DATA PROVIDED START

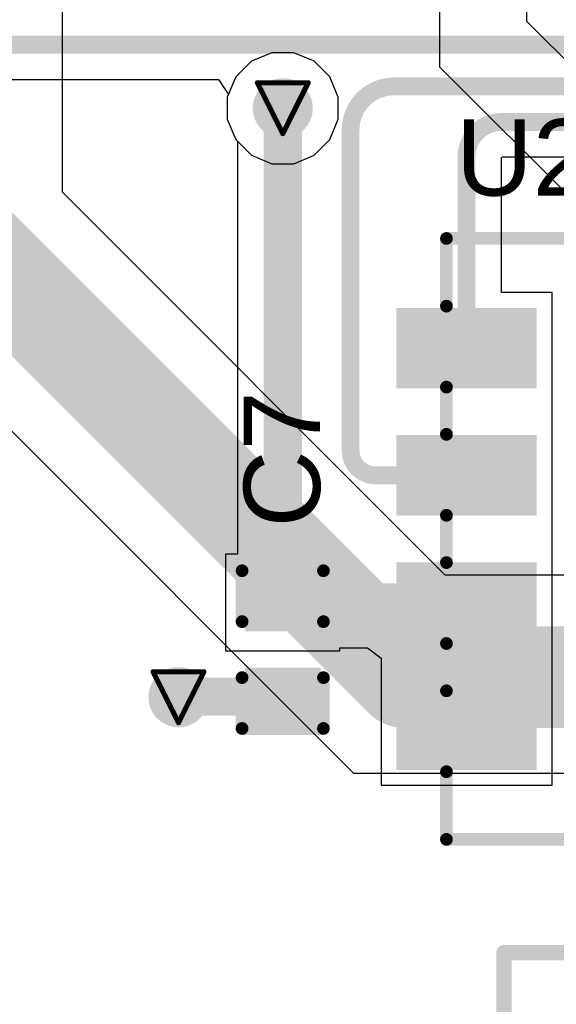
# Model space of a CAD drawing. Header units: inches. Extents: x 0 to 12.2, y 0 to 7.
# Tile 19 of 154: x 1.325 to 1.536, y 1.624 to 2.011. Entities that reach past the tile are written whole.
import ezdxf

# ---------------------------------------------------------------- set-up
doc = ezdxf.new("R2010")
doc.units = ezdxf.units.IN
doc.header["$MEASUREMENT"] = 0
for name, color, linetype in [('Bottom Layer', 5, 'Continuous'), ('Drill Drawing', 1, 'Continuous'), ('Layer 1', 16, 'Continuous'), ('Layer 2', 76, 'Continuous'), ('Top Layer', 1, 'Continuous'), ('Top Overlay', 2, 'Continuous'), ('Top Paste', 8, 'Continuous'), ('Top Solder', 216, 'Continuous'), ('Via Holes', 16, 'Continuous')]:
    doc.layers.add(name, color=color, linetype=linetype)
doc.styles.add('Arial', font='txt', dxfattribs={"height": 0.2})

# ---------------------------------------------------------------- blocks, each defined once
blk = doc.blocks.new('WSON_8_EP_6_8__27')
at = {"layer": 'Top Layer'}
for points in [[(-0.12598, 0.08681), (-0.12598, 0.06319), (-0.17323, 0.06319), (-0.17323, 0.08681)], [(0.17323, 0.08681), (0.17323, 0.06319), (0.12598, 0.06319), (0.12598, 0.08681)], [(-0.06691, 0.08464), (0.06694, 0.08464), (0.06694, -0.08466), (-0.06691, -0.08466)], [(-0.12597, 0.03681), (-0.12597, 0.01319), (-0.17322, 0.01319), (-0.17322, 0.03681)], [(0.17323, 0.03681), (0.17323, 0.01319), (0.12598, 0.01319), (0.12598, 0.03681)], [(-0.12597, -0.01319), (-0.12597, -0.03681), (-0.17322, -0.03681), (-0.17322, -0.01319)], [(0.17323, -0.01319), (0.17323, -0.03681), (0.12598, -0.03681), (0.12598, -0.01319)], [(-0.12598, -0.06319), (-0.12598, -0.08681), (-0.17323, -0.08681), (-0.17323, -0.06319)], [(0.17323, -0.06319), (0.17323, -0.08681), (0.12598, -0.08681), (0.12598, -0.06319)]]:
    blk.add_hatch(color=1, dxfattribs=at).paths.add_polyline_path(points)
at = {"layer": 'Top Paste'}
for points in [[(-0.12598, 0.08681), (-0.12598, 0.06319), (-0.17323, 0.06319), (-0.17323, 0.08681)], [(0.17323, 0.08681), (0.17323, 0.06319), (0.12598, 0.06319), (0.12598, 0.08681)], [(-0.06691, 0.08464), (0.06694, 0.08464), (0.06694, -0.08466), (-0.06691, -0.08466)], [(-0.12597, 0.03681), (-0.12597, 0.01319), (-0.17322, 0.01319), (-0.17322, 0.03681)], [(0.17323, 0.03681), (0.17323, 0.01319), (0.12598, 0.01319), (0.12598, 0.03681)], [(-0.12597, -0.01319), (-0.12597, -0.03681), (-0.17322, -0.03681), (-0.17322, -0.01319)], [(0.17323, -0.01319), (0.17323, -0.03681), (0.12598, -0.03681), (0.12598, -0.01319)], [(-0.12598, -0.06319), (-0.12598, -0.08681), (-0.17323, -0.08681), (-0.17323, -0.06319)], [(0.17323, -0.06319), (0.17323, -0.08681), (0.12598, -0.08681), (0.12598, -0.06319)]]:
    blk.add_hatch(color=8, dxfattribs=at).paths.add_polyline_path(points)
at = {"layer": 'Top Solder'}
for points in [[(-0.12198, 0.09081), (-0.12198, 0.05919), (-0.17723, 0.05919), (-0.17723, 0.09081)], [(0.17723, 0.09081), (0.17723, 0.05919), (0.12198, 0.05919), (0.12198, 0.09081)], [(-0.07091, 0.08864), (0.07094, 0.08864), (0.07094, -0.08866), (-0.07091, -0.08866)], [(-0.12197, 0.04081), (-0.12197, 0.00919), (-0.17722, 0.00919), (-0.17722, 0.04081)], [(0.17723, 0.04081), (0.17723, 0.00919), (0.12198, 0.00919), (0.12198, 0.04081)], [(-0.12197, -0.00919), (-0.12197, -0.04081), (-0.17722, -0.04081), (-0.17722, -0.00919)], [(0.17723, -0.00919), (0.17723, -0.04081), (0.12198, -0.04081), (0.12198, -0.00919)], [(-0.12198, -0.05919), (-0.12198, -0.09081), (-0.17723, -0.09081), (-0.17723, -0.05919)], [(0.17723, -0.05919), (0.17723, -0.09081), (0.12198, -0.09081), (0.12198, -0.05919)]]:
    blk.add_hatch(color=216, dxfattribs=at).paths.add_polyline_path(points)
at = {"layer": 'Top Overlay', "const_width": 0.005}
for points in [[(-0.15746, 0.1181), (-0.15746, 0.09149)], [(0.1575, 0.11811), (-0.15746, 0.1181)], [(0.1575, 0.11811), (0.1575, 0.0915)], [(-0.186, 0.082), (-0.186, 0.072)], [(-0.181, 0.077), (-0.186, 0.082)], [(-0.181, 0.077), (-0.186, 0.072)], [(-0.15746, 0.05968), (-0.15746, 0.0411)], [(0.1575, 0.0411), (0.1575, 0.05969)], [(-0.15746, 0.00929), (-0.15746, -0.0093)], [(0.1575, 0.00929), (0.1575, -0.0093)], [(-0.15746, -0.04111), (-0.15746, -0.05969)], [(0.1575, -0.04111), (0.1575, -0.05969)], [(-0.15746, -0.0915), (-0.15746, -0.11811)], [(0.1575, -0.0915), (0.1575, -0.11811)], [(-0.15207, -0.11811), (-0.15746, -0.11811)], [(0.1575, -0.11811), (-0.15207, -0.11811)]]:
    blk.add_lwpolyline(points, dxfattribs=at)
at = {"layer": 'Top Overlay', "const_width": 0.0025}
for points in [[(-0.15871, 0.1181, 1), (-0.15621, 0.1181, 1)], [(-0.15871, 0.1181, 1), (-0.15621, 0.1181, 1)], [(0.15625, 0.11811, 1), (0.15875, 0.11811, 1)], [(0.15625, 0.11811, 1), (0.15875, 0.11811, 1)], [(-0.15871, 0.09149, 1), (-0.15621, 0.09149, 1)], [(0.15625, 0.0915, 1), (0.15875, 0.0915, 1)], [(-0.18725, 0.082, 1), (-0.18475, 0.082, 1)], [(-0.18725, 0.082, 1), (-0.18475, 0.082, 1)], [(-0.18225, 0.077, 1), (-0.17975, 0.077, 1)], [(-0.18225, 0.077, 1), (-0.17975, 0.077, 1)], [(-0.18725, 0.072, 1), (-0.18475, 0.072, 1)], [(-0.18725, 0.072, 1), (-0.18475, 0.072, 1)], [(-0.15871, 0.05968, 1), (-0.15621, 0.05968, 1)], [(0.15625, 0.05969, 1), (0.15875, 0.05969, 1)], [(-0.15871, 0.0411, 1), (-0.15621, 0.0411, 1)], [(0.15625, 0.0411, 1), (0.15875, 0.0411, 1)], [(-0.15871, 0.00929, 1), (-0.15621, 0.00929, 1)], [(0.15625, 0.00929, 1), (0.15875, 0.00929, 1)], [(-0.15871, -0.0093, 1), (-0.15621, -0.0093, 1)], [(0.15625, -0.0093, 1), (0.15875, -0.0093, 1)], [(-0.15871, -0.04111, 1), (-0.15621, -0.04111, 1)], [(0.15625, -0.04111, 1), (0.15875, -0.04111, 1)], [(-0.15871, -0.05969, 1), (-0.15621, -0.05969, 1)], [(0.15625, -0.05969, 1), (0.15875, -0.05969, 1)], [(-0.15871, -0.0915, 1), (-0.15621, -0.0915, 1)], [(0.15625, -0.0915, 1), (0.15875, -0.0915, 1)], [(-0.15871, -0.11811, 1), (-0.15621, -0.11811, 1)], [(-0.15871, -0.11811, 1), (-0.15621, -0.11811, 1)], [(-0.15332, -0.11811, 1), (-0.15082, -0.11811, 1)], [(-0.15332, -0.11811, 1), (-0.15082, -0.11811, 1)], [(0.15625, -0.11811, 1), (0.15875, -0.11811, 1)], [(0.15625, -0.11811, 1), (0.15875, -0.11811, 1)]]:
    blk.add_lwpolyline(points, format="xyb", close=True, dxfattribs=at)
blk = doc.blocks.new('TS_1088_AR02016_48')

DATA PROVIDED END

§ WHAT THE TASK ASKS: Would you copy out every line in the records that includes the string "ezdxf"?

§ RESPONSE TO THE EXERCISE:
import ezdxf
doc = ezdxf.new("R2010")
doc.units = ezdxf.units.IN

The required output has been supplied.